Expert Witness Problem
When the court session began, Judge Clifford raised a thorny constitutional issue that has emerged in this case. Once Dr. Wang decided to represent himself, the public defender’s office has refused to provide him with any funds for required expert witnesses because the office does not represent him. And the judiciary system appears to have no funds for this purpose.
The constitutional question is whether an indigent pro se defendant is entitled to public funds for expert witnesses and if so, whether the funds should be paid by the public defender’s office or the judicial department, the judge said.
Judge Clifford then asked Calistro, the prosecutor, to work on a “stipulation of fact” that all sides would have to agree to before presenting the constitutional question to the State Supreme Court for a ruling before a trial begins.
In order for Dr. Wang to participate in this process, Judge Clifford wants to appoint a special public defender to represent Dr. Wang. Dr. Wang previously agreed to this step. Click here to read the story.
However, a new issue has developed with regard to a special public defender, the judge said in court. He observed that “there could be a conflict” between LaPierre, the stand-by public defender and his own office and a special public defender from that office who could be appointed but would be required to evaluate his own employer’s response to the Wang case. The judge did not raise the prospect of appointing a private attorney instead of a special public defender to represent Dr. Wang.
Calistro told the judge he would get started on a stipulation of fact.
Latest Wang Motion
Dr. Wang also filed a 45-page motion with exhibits that would have the court issue a subpoena for Kings County Medical Center in New York “to testify about Dr. Wang’s mental state and to clear Dr. Wang’s name.”
Dr. Wang claimed that during the time he was a resident at the hospital, he was persecuted by other doctors and defamed. He charged that certain doctors committed “glaring and heinous medical malpractices with malice of aforethought to harm Dr. Wang as a whistleblower.” He said he was wrongfully terminated as part of “retaliatory action.”
Dr. Wang also sought to show that his mental state changed dramatically after the May 22, 2008 termination. Speaking in the third person he said “before that he was functioning as a competently trained physician. After that date he suffered mental distress, anxiety, panic attacks, depression and other maladies.”
The judge told Dr. Wang he would not issue a subpoena because Dr. Wang had spoken of a hospital, not individuals. The judge also said he could not issue a subpoena when there is no hearing scheduled. “I am going to deny this motion without prejudice, “he told Dr. Wang. This means it can be filed against a later date. The judge noted that a trial was far off.
The Judge’s Lap Idea
As the court session was nearing an end, Judge Clifford had an idea. Since Dr. Wang was now in an empty courtroom, why not simply lock the courtroom and ask the three or four court officers on duty in the court to watch Dr. Wang as he used a laptop, assuming one could be found?
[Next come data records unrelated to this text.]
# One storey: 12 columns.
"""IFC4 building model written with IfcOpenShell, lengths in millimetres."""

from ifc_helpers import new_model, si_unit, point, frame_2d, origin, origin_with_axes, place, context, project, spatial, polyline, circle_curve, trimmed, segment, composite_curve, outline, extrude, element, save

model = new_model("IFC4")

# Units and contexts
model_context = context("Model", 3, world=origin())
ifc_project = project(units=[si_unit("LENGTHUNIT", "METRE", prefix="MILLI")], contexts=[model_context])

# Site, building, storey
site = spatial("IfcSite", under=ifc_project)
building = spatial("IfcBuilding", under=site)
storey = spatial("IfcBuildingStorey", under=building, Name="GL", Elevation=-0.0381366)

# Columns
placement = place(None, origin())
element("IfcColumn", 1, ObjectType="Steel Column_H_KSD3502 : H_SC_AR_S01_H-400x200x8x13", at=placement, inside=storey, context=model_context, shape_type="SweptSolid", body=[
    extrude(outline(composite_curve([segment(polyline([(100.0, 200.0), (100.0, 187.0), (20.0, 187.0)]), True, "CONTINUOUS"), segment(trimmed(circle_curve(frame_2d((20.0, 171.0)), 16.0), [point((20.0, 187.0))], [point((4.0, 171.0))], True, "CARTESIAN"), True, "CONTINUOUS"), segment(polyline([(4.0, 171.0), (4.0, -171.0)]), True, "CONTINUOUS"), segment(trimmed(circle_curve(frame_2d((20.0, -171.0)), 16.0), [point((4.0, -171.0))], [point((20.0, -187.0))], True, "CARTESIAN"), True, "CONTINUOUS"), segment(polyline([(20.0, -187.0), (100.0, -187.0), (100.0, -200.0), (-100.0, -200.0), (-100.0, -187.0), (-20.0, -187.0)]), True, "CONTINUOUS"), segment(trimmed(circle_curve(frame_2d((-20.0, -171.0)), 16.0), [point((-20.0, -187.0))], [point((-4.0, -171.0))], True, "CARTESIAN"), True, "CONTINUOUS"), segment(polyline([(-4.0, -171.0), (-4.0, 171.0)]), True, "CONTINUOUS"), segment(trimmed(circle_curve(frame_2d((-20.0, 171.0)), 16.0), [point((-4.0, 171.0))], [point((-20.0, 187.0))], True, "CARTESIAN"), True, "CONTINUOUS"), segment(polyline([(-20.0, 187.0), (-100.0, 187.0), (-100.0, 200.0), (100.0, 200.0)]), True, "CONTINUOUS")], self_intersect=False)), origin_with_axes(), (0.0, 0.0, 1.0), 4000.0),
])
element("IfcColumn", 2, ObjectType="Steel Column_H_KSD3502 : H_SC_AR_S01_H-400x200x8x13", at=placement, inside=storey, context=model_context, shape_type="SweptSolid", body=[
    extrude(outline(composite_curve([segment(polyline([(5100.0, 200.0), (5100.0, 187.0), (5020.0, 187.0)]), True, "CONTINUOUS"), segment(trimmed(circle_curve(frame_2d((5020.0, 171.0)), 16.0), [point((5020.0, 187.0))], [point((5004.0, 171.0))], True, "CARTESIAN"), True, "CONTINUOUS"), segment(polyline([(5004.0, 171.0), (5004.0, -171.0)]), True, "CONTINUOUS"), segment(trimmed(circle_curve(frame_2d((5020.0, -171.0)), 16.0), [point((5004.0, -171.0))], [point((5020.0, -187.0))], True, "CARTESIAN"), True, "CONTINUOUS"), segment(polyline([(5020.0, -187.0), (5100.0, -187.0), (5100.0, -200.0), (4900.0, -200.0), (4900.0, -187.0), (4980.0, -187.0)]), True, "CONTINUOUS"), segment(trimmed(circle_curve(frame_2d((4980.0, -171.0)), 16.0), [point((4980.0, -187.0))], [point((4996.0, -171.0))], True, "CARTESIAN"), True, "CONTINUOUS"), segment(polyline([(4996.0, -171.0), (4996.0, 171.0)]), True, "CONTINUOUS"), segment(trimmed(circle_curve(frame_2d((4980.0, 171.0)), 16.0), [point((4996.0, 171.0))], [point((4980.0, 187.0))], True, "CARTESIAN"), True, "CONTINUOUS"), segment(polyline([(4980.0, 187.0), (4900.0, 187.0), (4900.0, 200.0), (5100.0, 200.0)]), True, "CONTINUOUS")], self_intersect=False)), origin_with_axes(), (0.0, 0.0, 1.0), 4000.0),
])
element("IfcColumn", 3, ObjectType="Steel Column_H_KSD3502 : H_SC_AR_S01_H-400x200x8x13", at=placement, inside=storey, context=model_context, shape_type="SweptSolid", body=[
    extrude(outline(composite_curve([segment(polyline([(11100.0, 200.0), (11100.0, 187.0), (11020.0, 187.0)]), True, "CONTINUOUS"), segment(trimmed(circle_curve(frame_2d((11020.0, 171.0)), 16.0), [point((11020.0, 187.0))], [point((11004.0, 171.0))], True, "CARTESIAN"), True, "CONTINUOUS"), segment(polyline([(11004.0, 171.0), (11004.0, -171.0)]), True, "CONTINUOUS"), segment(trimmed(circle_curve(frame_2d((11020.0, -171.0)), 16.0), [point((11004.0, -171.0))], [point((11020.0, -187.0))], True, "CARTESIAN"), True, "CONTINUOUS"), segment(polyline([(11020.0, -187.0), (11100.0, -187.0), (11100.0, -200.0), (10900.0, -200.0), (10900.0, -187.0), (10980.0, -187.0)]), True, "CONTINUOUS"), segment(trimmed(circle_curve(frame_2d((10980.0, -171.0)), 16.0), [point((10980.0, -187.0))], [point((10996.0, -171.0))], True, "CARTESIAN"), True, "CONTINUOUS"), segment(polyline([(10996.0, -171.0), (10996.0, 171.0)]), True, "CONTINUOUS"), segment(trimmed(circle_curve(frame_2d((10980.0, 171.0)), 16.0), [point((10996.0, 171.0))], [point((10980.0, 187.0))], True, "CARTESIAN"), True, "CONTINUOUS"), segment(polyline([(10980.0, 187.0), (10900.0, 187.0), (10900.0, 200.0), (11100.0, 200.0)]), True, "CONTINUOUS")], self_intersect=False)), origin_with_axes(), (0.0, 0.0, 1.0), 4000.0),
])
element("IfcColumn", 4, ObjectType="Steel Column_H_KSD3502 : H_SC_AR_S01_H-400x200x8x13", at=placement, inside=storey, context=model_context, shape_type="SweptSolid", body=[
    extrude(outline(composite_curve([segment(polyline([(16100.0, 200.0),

The judge suggested that a laptop be brought to his courtroom on the sixth floor. He asked LaPierre to get the relevant videos onto the laptop. Court officers would stand by. Dr. Wang would get an hour to work, the judge said.
“This is a safe place to do this,” the judge said.
Calistro agreed. “It’s a start.”
The official court session ended at 3:30 p.m. before we could learn if the judge’s idea worked.
The judge set June 5 for the next court date. Judge Clifford asked that Dr. Wang be brought in early in the day so that he could prepare for trial using a laptop.
It was the same order he issued last time.